O impacto é mais sentido nas comunidades afetadas. O TPI tem garantido às vítimas oportunidades sem precedentes de acesso à justiça – um dos aspectos-chave do ODS 16. As vítimas recebem assistência jurídica gratuita e têm direito a requerer a reparação dos danos sofridos. Esta ênfase na justiça reparadora constitui um dos aspetos distintivos dos procedimentos do TPI. O Fundo a Favor das Vítimas do TPI está atualmente a concretizar as primeiras ordens judiciais de reparação do Tribunal. Além disso, o Fundo tem prestado apoio à reabilitação física e psicológica, bem como apoio socioeconômico, a quase meio milhão de vítimas, através dos seus programas de assistência.
Numa perspectiva global, o TPI tem reduzido o peso da tirania no mundo contemporâneo. Hoje em dia, os opressores já não podem ter a certeza de que não responderão pelos seus atos de crueldade. As vítimas têm agora um lugar onde se podem dirigir na esperança de obter justiça. E os opressores terão sempre de se preocupar com o que o TPI poderá fazer, mais cedo ou mais tarde.
Outro efeito significativo consiste no impacto sobre os sistemas jurídicos nacionais. Um elevadíssimo número de Estados-Partes no Estatuto de Roma atualizou a sua legislação interna para permitir aos seus próprios tribunais promover a ação penal contra atos de genocídio, crimes contra a humanidade e crimes de guerra.

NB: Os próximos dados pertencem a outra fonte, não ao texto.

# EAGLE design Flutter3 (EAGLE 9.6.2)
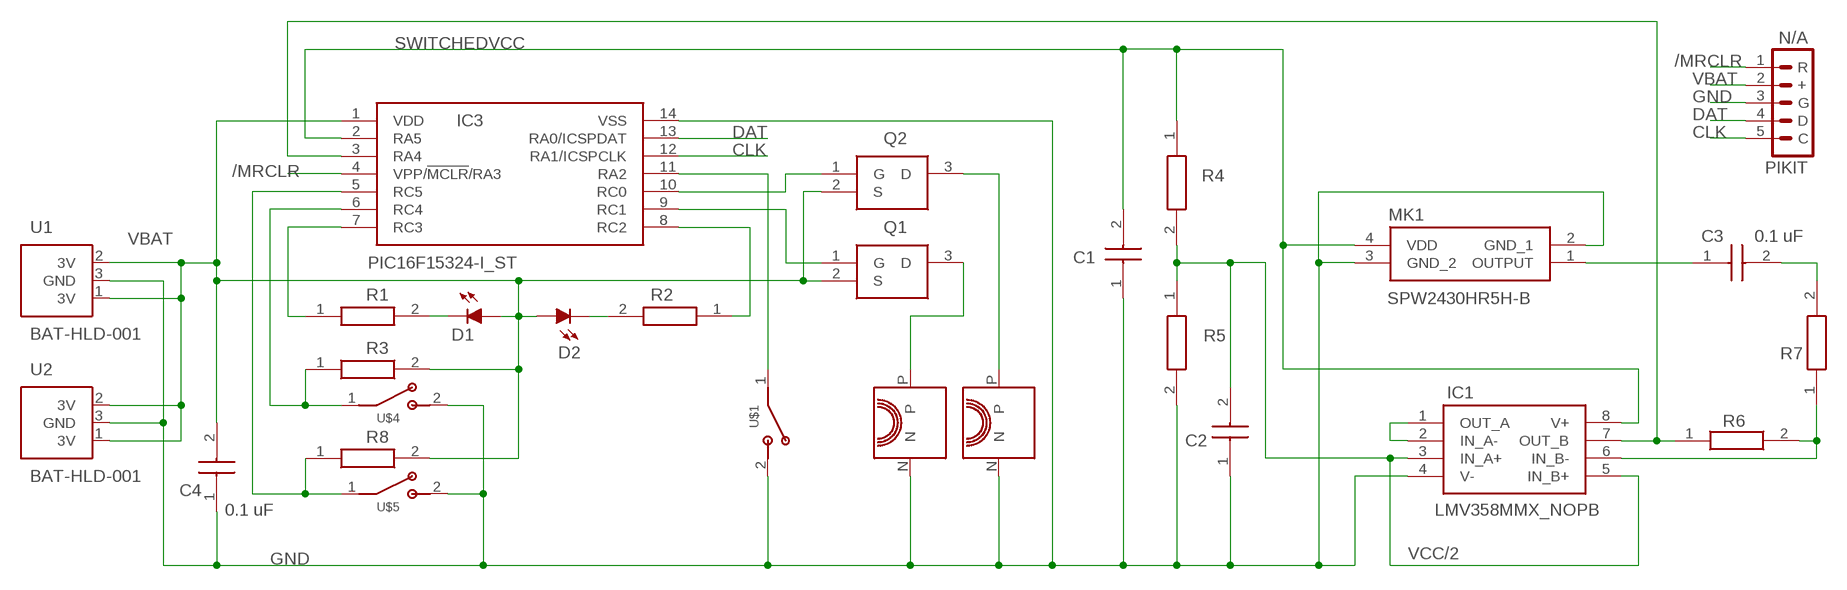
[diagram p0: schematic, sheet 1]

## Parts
C1  10 uF  C0805C106K8PACTU  [CAPC2013X140N]
C2  1.0 uF  CC0603KRX7R7BB104  [CAPC1608X90N]
C3  0.1 uF  CC0603KRX7R7BB104  [CAPC1608X90N]
C4  0.1 uF  CC0603KRX7R7BB104  [CAPC1608X90N]
D1  LEDCHIPLED_0805  [CHIPLED_0805]
D2  LEDCHIPLED_0805  [CHIPLED_0805]
IC1  LMV358MMX_NOPB  [SOP65P490X110-8N]
IC3  PIC16F15324-I_ST  [SOP65P640X120-14N]
MK1  SPW2430HR5H-B  [SPW2430HR5HB]
PIKIT  N/A  PICKIT  [MA05-1]
Q1  NTR4171PT1G  [SOT96P237X111-3N]
Q2  NTR4171PT1G  [SOT96P237X111-3N]
R1  220  CRCW0603240RFKEB  [RESC1608X50N]
R2  220  CRCW0603240RFKEB  [RESC1608X50N]
R3  220  CRCW0603240RFKEB  [RESC1608X50N]
R4  10 K  CRCW0603240RFKEB  [RESC1608X50N]
R5  10 K  CRCW0603240RFKEB  [RESC1608X50N]
R6  100 K  CRCW0603240RFKEB  [RESC1608X50N]
R7  1K  CRCW0603240RFKEB  [RESC1608X50N]
R8  220  CRCW0603240RFKEB  [RESC1608X50N]
U1  BAT-HLD-001  [BATHLD001]
U2  BAT-HLD-001  [BATHLD001]
U$1  SW-MOTION  [AF-1766]
U$2  VIBRATEFLAT  [PL-28821]
U$3  VIBRATEFLAT  [PL-28821]
U$4  SW-MOTIONFINGER  [FINGER-SW-12MM]
U$5  SW-MOTIONFINGER  [FINGER-SW-12MM]

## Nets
/MRCLR: IC3.4(VPP/!MCLR!/RA3) PIKIT.1(R)
CLK: IC3.12(RA1/ICSPCLK) PIKIT.5(C)
DAT: IC3.13(RA0/ICSPDAT) PIKIT.4(D)
GND: C1.1(C1) C2.1(C1) C4.1(C1) IC1.4(V-) IC3.14(VSS) MK1.2(GND_1) MK1.3(GND_2) PIKIT.3(G) R5.2 U1.3(GND) U2.3(GND) U$1.2 U$2.N U$3.N U$4.2 U$5.2
MIKIN: IC1.7(OUT_B) IC3.3(RA4) R6.1
N$1: IC1.1(OUT_A) IC1.2(IN_A-)
N$2: IC3.10(RC0) Q2.1(G)
N$3: IC3.9(RC1) Q1.1(G)
N$4: IC3.8(RC2) R2.1
N$5: IC3.5(RC5) R8.1 U$5.1
N$6: IC3.11(RA2) U$1.1
N$7: Q1.3(D) U$2.P
N$8: IC3.7(RC3) R1.1
N$9: Q2.3(D) U$3.P
N$10: D1.C R1.2
N$11: C3.1(C1) MK1.1(OUTPUT)
N$12: D2.C R2.2
N$13: C3.2(C2) R7.2
N$16: IC1.6(IN_B-) R6.2 R7.1
N$17: IC3.6(RC4) R3.1 U$4.1
SWITCHEDVCC: C1.2(C2) IC1.8(V+) IC3.2(RA5) MK1.4(VDD) R4.1
VBAT: C4.2(C2) D1.A D2.A IC3.1(VDD) PIKIT.2(+) Q1.2(S) Q2.2(S) R3.2 R8.2 U1.1(3V) U1.2(3V) U2.1(3V) U2.2(3V)
VCC/2: C2.2(C2) IC1.3(IN_A+) IC1.5(IN_B+) R4.2 R5.1

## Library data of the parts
C1 = SamacSys_Parts:C0805C106K8PACTU: CAPACITOR, 0805 10uF +/-10% 10V; ALLIED_NUMBER: 70096892; ALLIED_PRICE-STOCK: https://www.alliedelec.com/kemet-c0805c106k8pactu/70096892/; DESCRIPTION: CAPACITOR, 0805 10uF +/-10% 10V; HEIGHT: mm; MANUFACTURER_NAME: Kemet; MANUFACTURER_PART_NUMBER: C0805C106K8PACTU; MOUSER_PART_NUMBER: 80-C0805C106K8P; MOUSER_PRICE-STOCK: https://www.mouser.com/Search/Refine.aspx?Keyword=80-C0805C106K8P; RS_PART_NUMBER: 8692159; RS_PRICE-STOCK: https://uk.rs-online.com/web/p/products/8692159
C2-C4 = SamacSys_Parts:CC0603KRX7R7BB104: CAPACITOR, 0603 100nF +/-10% 16V; DESCRIPTION: CAPACITOR, 0603 100nF +/-10% 16V; HEIGHT: mm; MANUFACTURER_NAME: YAGEO (PHYCOMP); MANUFACTURER_PART_NUMBER: CC0603KRX7R7BB104; MOUSER_PART_NUMBER: 603-CC603KRX7R7BB104; MOUSER_PRICE-STOCK: https://www.mouser.com/Search/Refine.aspx?Keyword=603-CC603KRX7R7BB104; RS_PART_NUMBER: 6698763; RS_PRICE-STOCK: http://uk.rs-online.com/web/p/products/6698763
D1 D2 = philbot:LED: LED
IC1 = SamacSys_Parts:LMV358MMX_NOPB: General Purpose, Low Voltage, Rail-to-Rail Output Operational Amplifiers Source: Datasheet; DESCRIPTION: General Purpose, Low Voltage, Rail-to-Rail Output Operational Amplifiers; HEIGHT: 1.1mm; MANUFACTURER_NAME: Texas Instruments; MANUFACTURER_PART_NUMBER: LMV358MMX/NOPB; MOUSER_PART_NUMBER: 926-LMV358MMX/NOPB; MOUSER_PRICE-STOCK: https://www.mouser.com/Search/Refine.aspx?Keyword=926-LMV358MMX%2FNOPB
IC3 = SamacSys_Parts:PIC16F15324-I_ST: 8-bit Microcontrollers - MCU 7KB, 512B RAM, 4xPWMs, Comparator, DAC, ADC, 4xCLC, CWG, 2xEUSART, SPI/I2C Source: Datasheet; ARROW_PART_NUMBER: PIC16F15324-I/ST; ARROW_PRICE-STOCK: https://www.arrow.com/en/products/pic16f15324-ist/microchip-technology; DESCRIPTION: 8-bit Microcontrollers - MCU 7KB, 512B RAM, 4xPWMs, Comparator, DAC, ADC, 4xCLC, CWG, 2xEUSART, SPI/I2C; HEIGHT: 1.2mm; MANUFACTURER_NAME: Microchip; MANUFACTURER_PART_NUMBER: PIC16F15324-I/ST; MOUSER_PART_NUMBER: 579-PIC16F15324-I/ST; MOUSER_PRICE-STOCK: https://www.mouser.co.uk/ProductDetail/Microchip-Technology/PIC16F15324-I-ST?qs=IP4CA2YhK0DBTKI1lVIGkw%3D%3D
MK1 = SamacSys_Parts:SPW2430HR5H-B: MEMS Microphones MEMS Microphone Source: Datasheet; DESCRIPTION: MEMS Microphones MEMS Microphone; HEIGHT: 1mm; MANUFACTURER_NAME: Knowles; MANUFACTURER_PART_NUMBER: SPW2430HR5H-B; MOUSER_PART_NUMBER: 721-SPW2430HR5HB; MOUSER_PRICE-STOCK: https://www.mouser.com/Search/Refine.aspx?Keyword=721-SPW2430HR5HB
PIKIT = philbot:PICKIT: PIN HEADER; OC_FARNELL: unknown; OC_NEWARK: unknown
Q1 Q2 = BluJoy-e:NTR4171PT1G: Power MOSFET Source: Datasheet; ARROW_PART_NUMBER: NTR4171PT1G; ARROW_PRICE-STOCK: https://www.arrow.com/en/products/ntr4171pt1g/on-semiconductor; DESCRIPTION: Power MOSFET; HEIGHT: 1.11mm; MANUFACTURER_NAME: ON Semiconductor; MANUFACTURER_PART_NUMBER: NTR4171PT1G; MOUSER_PART_NUMBER: 863-NTR4171PT1G; MOUSER_PRICE-STOCK: https://www.mouser.co.uk/ProductDetail/ON-Semiconductor/NTR4171PT1G?qs=N5dOQkml4H8L27wHnYyw3w%3D%3D
R1-R8 = SamacSys_Parts:CRCW0603240RFKEB: Thick Film Resistors - SMD 1/10watt 240ohms 1%; DESCRIPTION: Thick Film Resistors - SMD 1/10watt 240ohms 1%; HEIGHT: 0.5mm; MANUFACTURER_NAME: Vishay; MANUFACTURER_PART_NUMBER: CRCW0603240RFKEB; MOUSER_PART_NUMBER: 71-CRCW0603240RFKEB; MOUSER_PRICE-STOCK: https://www.mouser.com/Search/Refine.aspx?Keyword=71-CRCW0603240RFKEB
U1 U2 = philbot:BAT-HLD-001: Coin Cell Battery Holders Linx CR2032 Battery Holder Source: Datasheet; DESCRIPTION: Coin Cell Battery Holders Linx CR2032 Battery Holder; HEIGHT: 4mm; MANUFACTURER_NAME: Linx Technologies; MANUFACTURER_PART_NUMBER: BAT-HLD-001; MOUSER_PART_NUMBER: 712-BAT-HLD-001; MOUSER_PRICE-STOCK: https://www.mouser.com/Search/Refine.aspx?Keyword=712-BAT-HLD-001
U$1 U$4 U$5 = philbot:SW-MOTION
U$2 U$3 = philbot:VIBRATE

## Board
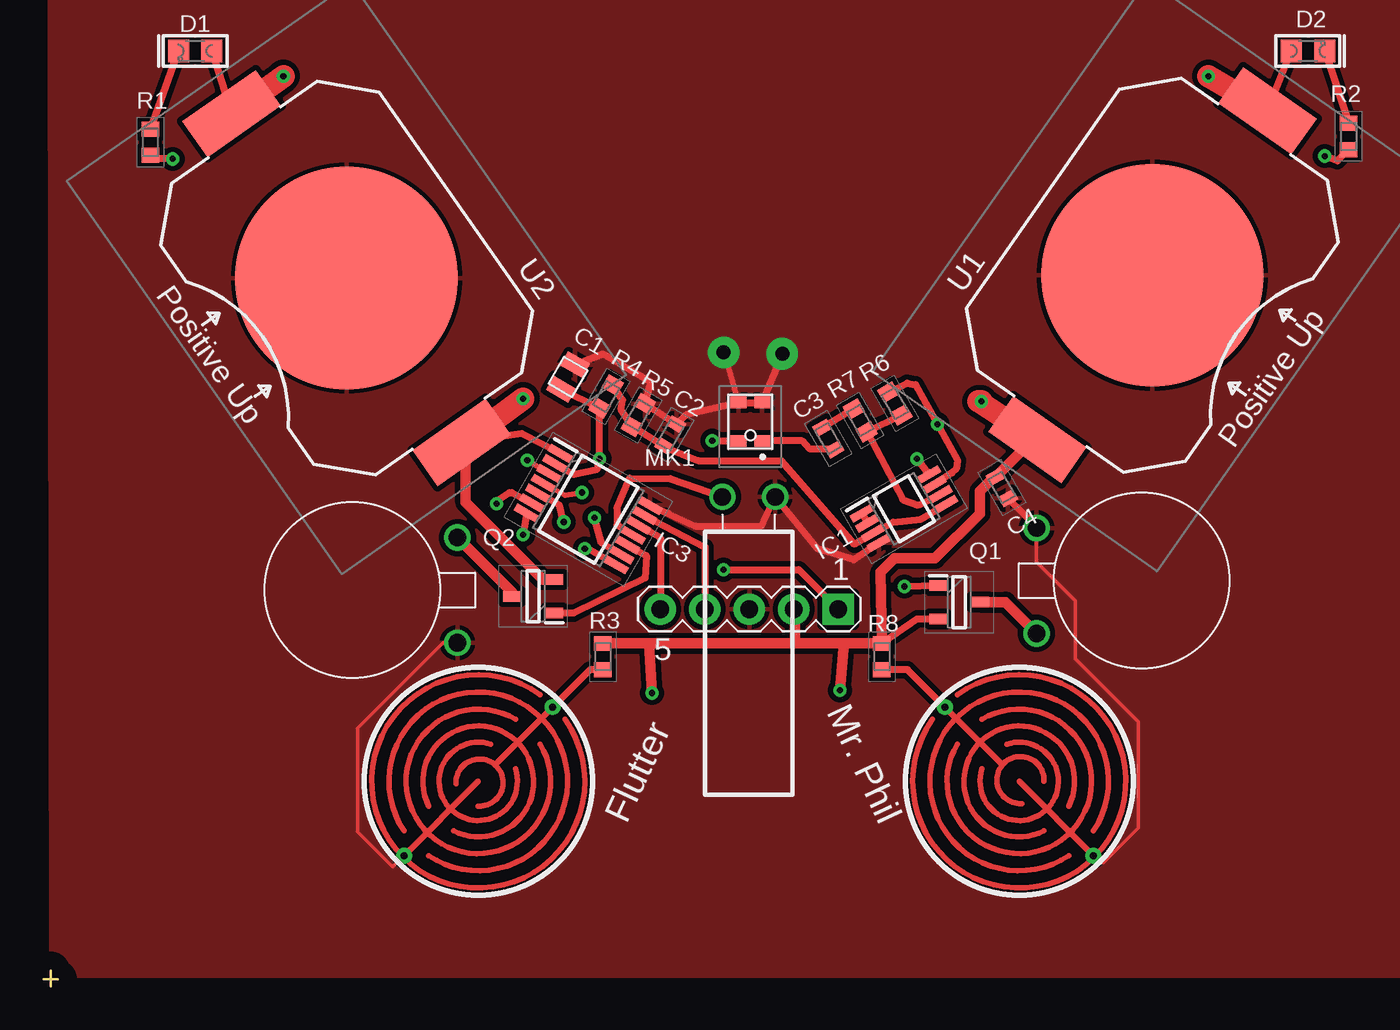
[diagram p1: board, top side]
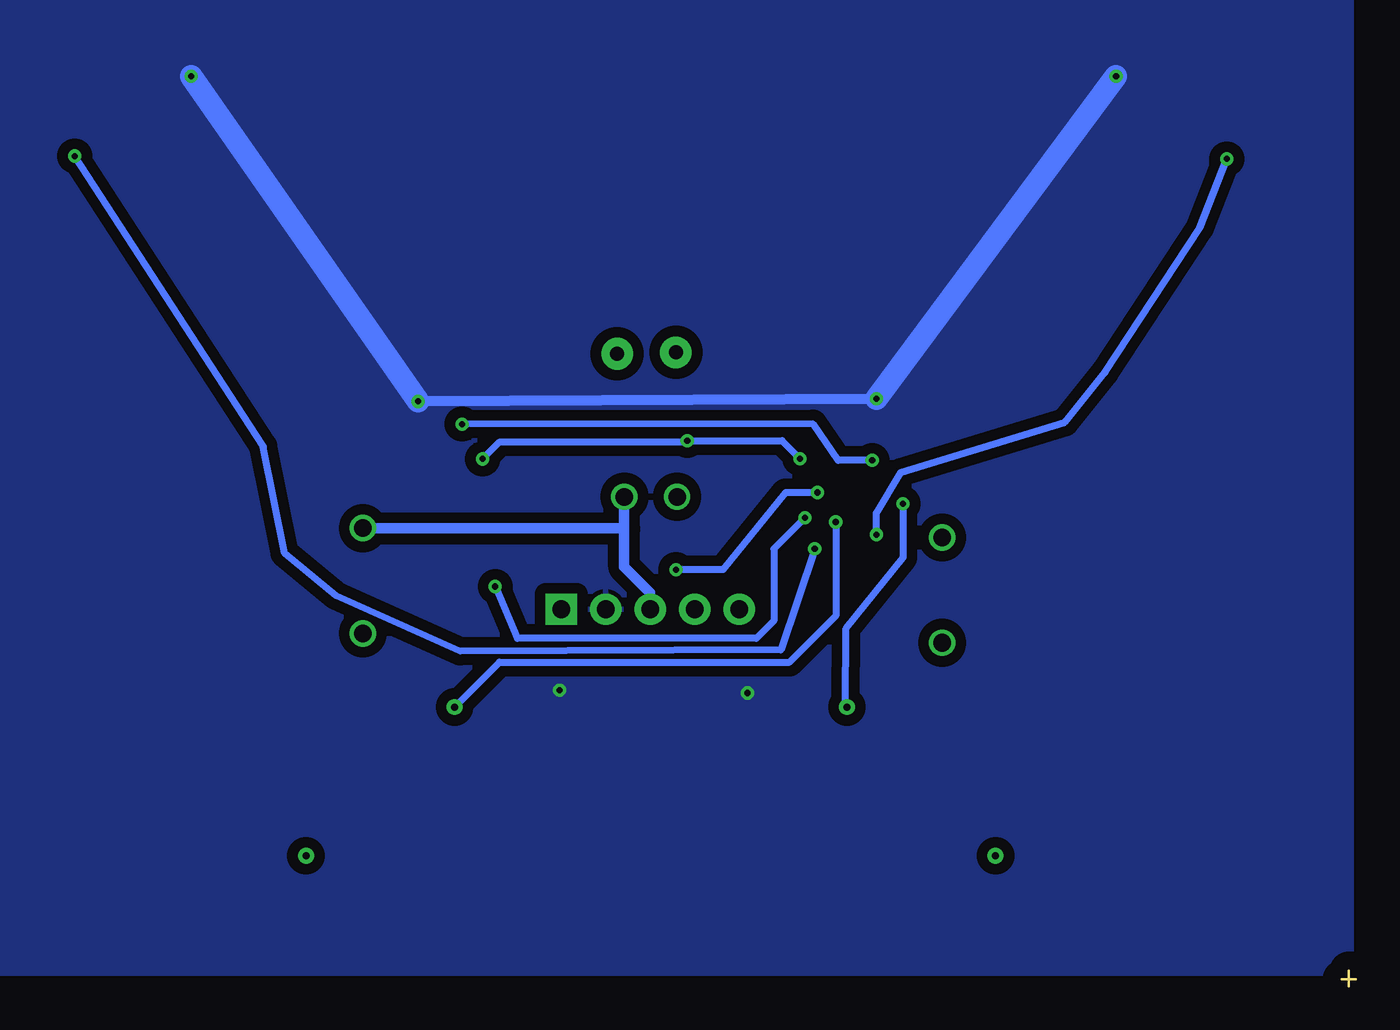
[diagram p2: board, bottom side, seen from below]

Size 0.8 x 0.88 mm. Coordinates in mm from the lower left corner, seen from the top.
Outline: 0,0.4 0.8,0.4
Outline: 0.4,0.88 0.4,0
Copper layers (1*16): Top 0.035mm / dielectric 1.5mm / Bottom 0.035mm
Design rules "default": minimum track width 6mil, minimum drill 0.35mm, track to track 6mil, track to pad 6mil, pad to pad 6mil, via to via 6mil, smd to smd 6mil, copper to edge 40mil, drill to drill 6mil, minimum pad ring 10mil, minimum via ring 8mil, stop-mask expansion 4mil, vias tented up to drill 0mil, thermal gap 10mil

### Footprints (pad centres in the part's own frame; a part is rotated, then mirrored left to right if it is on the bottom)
CAPC2013X140N = smd 0.914 x 1.448: 1 -0.813,0; 2 0.813,0
CAPC1608X90N = smd 0.66 x 0.94: 1 -0.711,0; 2 0.711,0
CHIPLED_0805 = smd 1.3 x 1.2: A 0,-0.953; C 0,0.953
SOP65P490X110-8N = smd 1.4 x 0.45: 1 -2.2,0.975; 2 -2.2,0.325; 3 -2.2,-0.325; 4 -2.2,-0.975; 5 2.2,-0.975; 6 2.2,-0.325; 7 2.2,0.325; 8 2.2,0.975
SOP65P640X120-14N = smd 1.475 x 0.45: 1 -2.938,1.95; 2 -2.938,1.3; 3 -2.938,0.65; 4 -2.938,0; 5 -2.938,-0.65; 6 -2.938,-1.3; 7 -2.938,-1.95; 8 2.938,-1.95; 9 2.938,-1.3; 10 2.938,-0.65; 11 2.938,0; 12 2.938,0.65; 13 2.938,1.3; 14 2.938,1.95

Um dos maiores desafios consiste no fato de não contar com a participação de todos os Estados. Apesar de quase dois terços dos Estados soberanos do mundo serem Estados-Partes do TPI, cerca de 70 Estados-Membros da ONU ainda não aderiram ao Estatuto de Roma nem assumiram o compromisso de cooperar com o Tribunal. Ainda mais preocupante é, contudo, o facto de alguns Estados estarem ativamente a comprometer o trabalho do TPI, como é o caso mais recente dos Estados Unidos, que aplicaram medidas draconianas contra o TPI e os seus funcionários, incluindo coerção econômica, com vista a influenciar a atividade do Tribunal. Isto é totalmente inaceitável e tem de acabar. Estou grato pelo forte apoio que, em face destes ataques, temos observado por parte dos nossos Estados-Partes, de organizações regionais, de associações profissionais, da sociedade civil e de cidadãos (incluindo cidadãos americanos).
Qualquer pessoa pode ajudar o Tribunal exercendo pressão democrática sobre os seus Governos para que o apoiem. Se o vosso país ainda não aderiu ao Estatuto de Roma, podem mobilizar-se para incitar o vosso Governo a aderir e, assim, reforçar a justiça internacional. As pessoas também podem ajudar a promover a sensibilização sobre o Tribunal, por exemplo nas redes sociais. Podem, ainda, fazer donativos para o Fundo a Favor das Vítimas do TPI.
Juntos, podemos construir um mundo mais justo ao unirmos as nossas forças no combate à impunidade por estes crimes atrozes.
*Tradução: Tribunal Penal Internacional.